**Exercise:** Reproduce the data exactly as given, except for any images.

**Given data:**

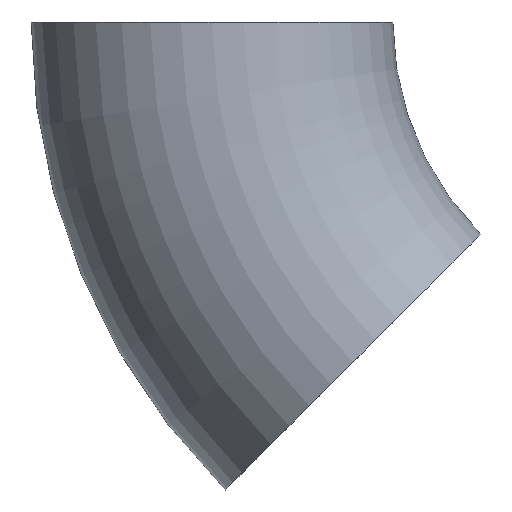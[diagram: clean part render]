
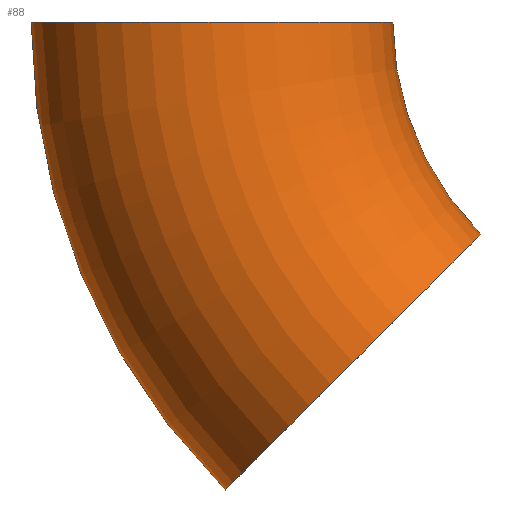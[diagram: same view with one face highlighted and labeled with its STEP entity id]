
A CAD part, front view. The second image highlights one B-rep face of the part: STEP entity #88.
In plain terms, the highlighted toroidal (fillet/blend) face has major radius 152 mm and minor radius 57.15 mm.
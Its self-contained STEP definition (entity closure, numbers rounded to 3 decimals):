
#1 = AXIS2_PLACEMENT_3D ( 'NONE', #15, #192, #101 ) ;
#9 = AXIS2_PLACEMENT_3D ( 'NONE', #114, #188, #54 ) ;
#10 = VERTEX_POINT ( 'NONE', #202 ) ;
#14 = EDGE_CURVE ( 'NONE', #227, #10, #22, .T. ) ;
#15 = CARTESIAN_POINT ( 'NONE',  ( 0., 0., 0. ) ) ;
#22 = CIRCLE ( 'NONE', #9, 209.15 ) ;
#23 = EDGE_CURVE ( 'NONE', #10, #25, #187, .T. ) ;
#25 = VERTEX_POINT ( 'NONE', #181 ) ;
#28 = DIRECTION ( 'NONE',  ( 0., 0., 1. ) ) ;
#54 = DIRECTION ( 'NONE',  ( 0., 0., 1. ) ) ;
#68 = AXIS2_PLACEMENT_3D ( 'NONE', #78, #166, #152 ) ;
#76 = CARTESIAN_POINT ( 'NONE',  ( 0., 0., 0. ) ) ;
#77 = AXIS2_PLACEMENT_3D ( 'NONE', #163, #28, #111 ) ;
#78 = CARTESIAN_POINT ( 'NONE',  ( -107.48, 0., -107.48 ) ) ;
#88 = ADVANCED_FACE ( 'NONE', ( #165 ), #162, .T. ) ;
#101 = DIRECTION ( 'NONE',  ( 0., 0., 1. ) ) ;
#106 = EDGE_LOOP ( 'NONE', ( #154, #171, #237, #195 ) ) ;
#107 = VERTEX_POINT ( 'NONE', #160 ) ;
#111 = DIRECTION ( 'NONE',  ( 1., 0., 0. ) ) ;
#114 = CARTESIAN_POINT ( 'NONE',  ( 0., 0., 0. ) ) ;
#147 = DIRECTION ( 'NONE',  ( 0., 1., 0. ) ) ;
#152 = DIRECTION ( 'NONE',  ( 0.707, 0., 0.707 ) ) ;
#154 = ORIENTED_EDGE ( 'NONE', *, *, #14, .F. ) ;
#160 = CARTESIAN_POINT ( 'NONE',  ( -67.069, 0., -67.069 ) ) ;
#162 = TOROIDAL_SURFACE ( 'NONE', #229, 152., 57.15 ) ;
#163 = CARTESIAN_POINT ( 'NONE',  ( -152., 0., 0. ) ) ;
#165 = FACE_OUTER_BOUND ( 'NONE', #106, .T. ) ;
#166 = DIRECTION ( 'NONE',  ( -0.707, 0., 0.707 ) ) ;
#171 = ORIENTED_EDGE ( 'NONE', *, *, #224, .T. ) ;
#173 = CARTESIAN_POINT ( 'NONE',  ( -147.891, 0., -147.891 ) ) ;
#181 = CARTESIAN_POINT ( 'NONE',  ( -94.85, 0., 0. ) ) ;
#187 = CIRCLE ( 'NONE', #77, 57.15 ) ;
#188 = DIRECTION ( 'NONE',  ( 0., 1., 0. ) ) ;
#192 = DIRECTION ( 'NONE',  ( 0., 1., 0. ) ) ;
#193 = CIRCLE ( 'NONE', #68, 57.15 ) ;
#195 = ORIENTED_EDGE ( 'NONE', *, *, #23, .F. ) ;
#199 = EDGE_CURVE ( 'NONE', #107, #25, #240, .T. ) ;
#202 = CARTESIAN_POINT ( 'NONE',  ( -209.15, 0., 0. ) ) ;
#207 = DIRECTION ( 'NONE',  ( 0., 0., 1. ) ) ;
#224 = EDGE_CURVE ( 'NONE', #227, #107, #193, .T. ) ;
#227 = VERTEX_POINT ( 'NONE', #173 ) ;
#229 = AXIS2_PLACEMENT_3D ( 'NONE', #76, #147, #207 ) ;
#237 = ORIENTED_EDGE ( 'NONE', *, *, #199, .T. ) ;
#240 = CIRCLE ( 'NONE', #1, 94.85 ) ;

**Solution for this exercise:**
[diagram: clean part render]
[diagram: same view with one face highlighted and labeled with its STEP entity id]
A CAD part, front view. The second image highlights one B-rep face of the part: STEP entity #88.
In plain terms, the highlighted toroidal (fillet/blend) face has major radius 152 mm and minor radius 57.15 mm.
Its self-contained STEP definition (entity closure, numbers rounded to 3 decimals):
#1 = AXIS2_PLACEMENT_3D ( 'NONE', #15, #192, #101 ) ;
#9 = AXIS2_PLACEMENT_3D ( 'NONE', #114, #188, #54 ) ;
#10 = VERTEX_POINT ( 'NONE', #202 ) ;
#14 = EDGE_CURVE ( 'NONE', #227, #10, #22, .T. ) ;
#15 = CARTESIAN_POINT ( 'NONE',  ( 0., 0., 0. ) ) ;
#22 = CIRCLE ( 'NONE', #9, 209.15 ) ;
#23 = EDGE_CURVE ( 'NONE', #10, #25, #187, .T. ) ;
#25 = VERTEX_POINT ( 'NONE', #181 ) ;
#28 = DIRECTION ( 'NONE',  ( 0., 0., 1. ) ) ;
#54 = DIRECTION ( 'NONE',  ( 0., 0., 1. ) ) ;
#68 = AXIS2_PLACEMENT_3D ( 'NONE', #78, #166, #152 ) ;
#76 = CARTESIAN_POINT ( 'NONE',  ( 0., 0., 0. ) ) ;
#77 = AXIS2_PLACEMENT_3D ( 'NONE', #163, #28, #111 ) ;
#78 = CARTESIAN_POINT ( 'NONE',  ( -107.48, 0., -107.48 ) ) ;
#88 = ADVANCED_FACE ( 'NONE', ( #165 ), #162, .T. ) ;
#101 = DIRECTION ( 'NONE',  ( 0., 0., 1. ) ) ;
#106 = EDGE_LOOP ( 'NONE', ( #154, #171, #237, #195 ) ) ;
#107 = VERTEX_POINT ( 'NONE', #160 ) ;
#111 = DIRECTION ( 'NONE',  ( 1., 0., 0. ) ) ;
#114 = CARTESIAN_POINT ( 'NONE',  ( 0., 0., 0. ) ) ;
#147 = DIRECTION ( 'NONE',  ( 0., 1., 0. ) ) ;
#152 = DIRECTION ( 'NONE',  ( 0.707, 0., 0.707 ) ) ;
#154 = ORIENTED_EDGE ( 'NONE', *, *, #14, .F. ) ;
#160 = CARTESIAN_POINT ( 'NONE',  ( -67.069, 0., -67.069 ) ) ;
#162 = TOROIDAL_SURFACE ( 'NONE', #229, 152., 57.15 ) ;
#163 = CARTESIAN_POINT ( 'NONE',  ( -152., 0., 0. ) ) ;
#165 = FACE_OUTER_BOUND ( 'NONE', #106, .T. ) ;
#166 = DIRECTION ( 'NONE',  ( -0.707, 0., 0.707 ) ) ;
#171 = ORIENTED_EDGE ( 'NONE', *, *, #224, .T. ) ;
#173 = CARTESIAN_POINT ( 'NONE',  ( -147.891, 0., -147.891 ) ) ;
#181 = CARTESIAN_POINT ( 'NONE',  ( -94.85, 0., 0. ) ) ;
#187 = CIRCLE ( 'NONE', #77, 57.15 ) ;
#188 = DIRECTION ( 'NONE',  ( 0., 1., 0. ) ) ;
#192 = DIRECTION ( 'NONE',  ( 0., 1., 0. ) ) ;
#193 = CIRCLE ( 'NONE', #68, 57.15 ) ;
#195 = ORIENTED_EDGE ( 'NONE', *, *, #23, .F. ) ;
#199 = EDGE_CURVE ( 'NONE', #107, #25, #240, .T. ) ;
#202 = CARTESIAN_POINT ( 'NONE',  ( -209.15, 0., 0. ) ) ;
#207 = DIRECTION ( 'NONE',  ( 0., 0., 1. ) ) ;
#224 = EDGE_CURVE ( 'NONE', #227, #107, #193, .T. ) ;
#227 = VERTEX_POINT ( 'NONE', #173 ) ;
#229 = AXIS2_PLACEMENT_3D ( 'NONE', #76, #147, #207 ) ;
#237 = ORIENTED_EDGE ( 'NONE', *, *, #199, .T. ) ;
#240 = CIRCLE ( 'NONE', #1, 94.85 ) ;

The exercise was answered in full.